ORIGINAL REPORT

Corresponding Author:Forough Saki

The Side Effects of Gonadotropin Releasing Hormone Analog (Diphereline) in Treatment of Idiopathic Central Precocious Puberty

Zohreh Karamizadeh, Mahmoodreza Tabebordbar, Forough Saki, Hamdollah Karamifar, and Gholamhossein Amirhakimi

Department of Pediatric Endocrinology, Student Research Center, Shiraz University of Medical Sciences, Shiraz, Iran Received: 16 Nov. 2011; Received in revised form: 17 Sep. 2012; Accepted: 24 Oct. 2012

Abstract- Treatment of central precocious puberty (CPP) is the administration of GnRH analogs.

Metabolic syndrome comprised metabolic disturbances that confer increased risk of (CVD) diabetes mellitus (DM) and cardiovascular disease. This study is a longitudinal prospective study in pediatric endocrinology clinic. 30 non-obese children with idiopathic CPP were involved. Total body weight, height, blood pressure, BMI and waist circumference of the patients along with their triglyceride (TG), total cholesterol (TC), low density lipoprotein (LDL), high density lipoprotein (HDL), fasting plasma sugar (FPS) were evaluated at the beginning and during 3 and 6 months GnRH analog therapy. All of the patients involved in this study were female with age 9.5±1.02 years. Waist circumference, weight and BMI were 69.3 cm, 37.21 kg, and 19.13 kg/cm² before therapy and 72.25 cm, 40.11 kg, and 19.54 kg/m² 6 months after therapy respectively. Mean systolic and diastolic blood pressure of the patients before therapy was 96.83 mmHg, 66mmHg and after 6 months therapy was 98.66 mmHg, 89.63 mmHg respectively. Mean TG, LDL, HDL and FPS were 90.06 mg/dl, 91.6 mg/dl, 43.7 mg/dl and 89.6 mg/dl before therapy and 96.4 mg/dl, 93.1 mg/dl, 44.7 mg/dl and 91.36 after 6 months therapy respectively. GnRH analog therapy doesn't cause metabolic syndrome after 3 and 6 month therapy but it may cause hyperlipidemia and central obesity.

© 2013 Tehran University of Medical Sciences. All rights reserved.

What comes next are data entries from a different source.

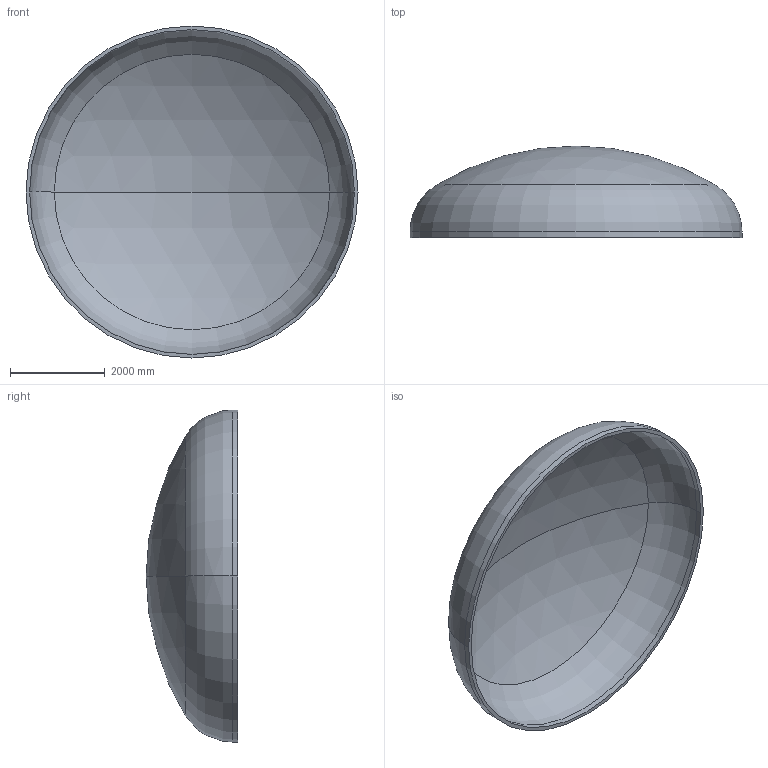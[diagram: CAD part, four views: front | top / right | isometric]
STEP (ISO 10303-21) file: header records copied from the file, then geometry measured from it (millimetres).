
FILE_DESCRIPTION (( 'STEP AP203' ), '1' );
FILE_NAME ('DIN 28013 Korbbogenform_-_Boden DIN 28013 - 7000 x 120 - I - s=76.step', '2016-07-04T10:49:03', ( '' ), ( '' ), 'SwSTEP 2.0', 'SolidWorks 2013', '' );
FILE_SCHEMA (( 'CONFIG_CONTROL_DESIGN' ));
Length unit declared in the file: millimetre
Products named in the file (1): DIN 28013 Korbbogenform_-_Boden DIN 28013 - 7000 x 120 - I - s=76
Bounding box: 7000 x 1931.28 x 7000 mm (x, y, z)
Volume: 4192927891.2 mm3; surface area: 112005444.2 mm2
Topology: 1 solids, 1 shells, 13 faces, 24 edges, 14 vertices
Faces by surface type: torus 4, cylinder 4, sphere 4, plane 1
Entity records: 407 total; most frequent: DIRECTION 72, CARTESIAN_POINT 52, ORIENTED_EDGE 48, AXIS2_PLACEMENT_3D 34, EDGE_CURVE 24, CIRCLE 20, VERTEX_POINT 14, EDGE_LOOP 14

Acta Medica Iranica 2013; 51(1): 41-46.

Keywords: Gonadotropin releasing hormone; Metabolic syndrome; Obesity; Precocious puberty; Side effects

Introduction

Premature activation of the hypothalamic gonadotropin releasing hormone (GnRH) pulse generator, with the following pulsatile gonadotropin secretion leades to central precocious puberty (CPP). Its prevalence is approximated to be 1:5000 to 1:10000 and it is 5 to 10 times as common in girls as boys (1-6). In CPP, treatment is primarily indicated for two reasons. The first is the significant psychosocial stress on the affected child cause by the very early signs of puberty and normally wrong but frequent assumption by others that the child has early mental and emotional maturity in a corresponding manner. The second reason for treatment is the risk of decrease in adult height due to disproportionate increase in rate of skeletal age (2, 3). It has been estimated that height loss is 20 cm and 12 cm in boys and girls, respectively (7). Treatment involves the administration of GnRH analog where there is

extended inhibition of pituitary gonadotropins luteinizing hormone (LH) and follicle-stimulating hormone (FSH) and through down-regulation of the pituitary GnRH receptors (2,3).Several preparations of GnRH analog are currently available. These include Leuprorelin, Goserelin and Diphereline. As with all new therapies, the long-term effects of GnRH analog therapy began to be discussed by researches, most were on final height and catch-up growth. Besides, there is some variable evidence about the promotion of bone metabolism and weight gain (8-20). Now, it is important to assess whether or this therapy aggravates the risk of metabolic syndrome or not. The metabolic syndrome consists of metabolic disturbances that confer increased risk of diabetes mellitus (DM) and cardiovascular disease (CVD). The main charcteristics of the metabolic syndrome include central obesity, hypertriglyceridemia, low high density lipoprotein (HDL) cholesterol, hyperglycemia and hypertension (1). According to

findings from the Third National Health and Nutrition Examination Survey, Fasting triglycerides >100 mg/dl, HDL cholesterol <50 mg/dl, fasting plasma glucose>110 mg/dl, waist circumference >75 percentile for age and sex and systolic Blood pressure>90 percentile for age sex and height is the criteria for metabolic syndrome in children (21,22).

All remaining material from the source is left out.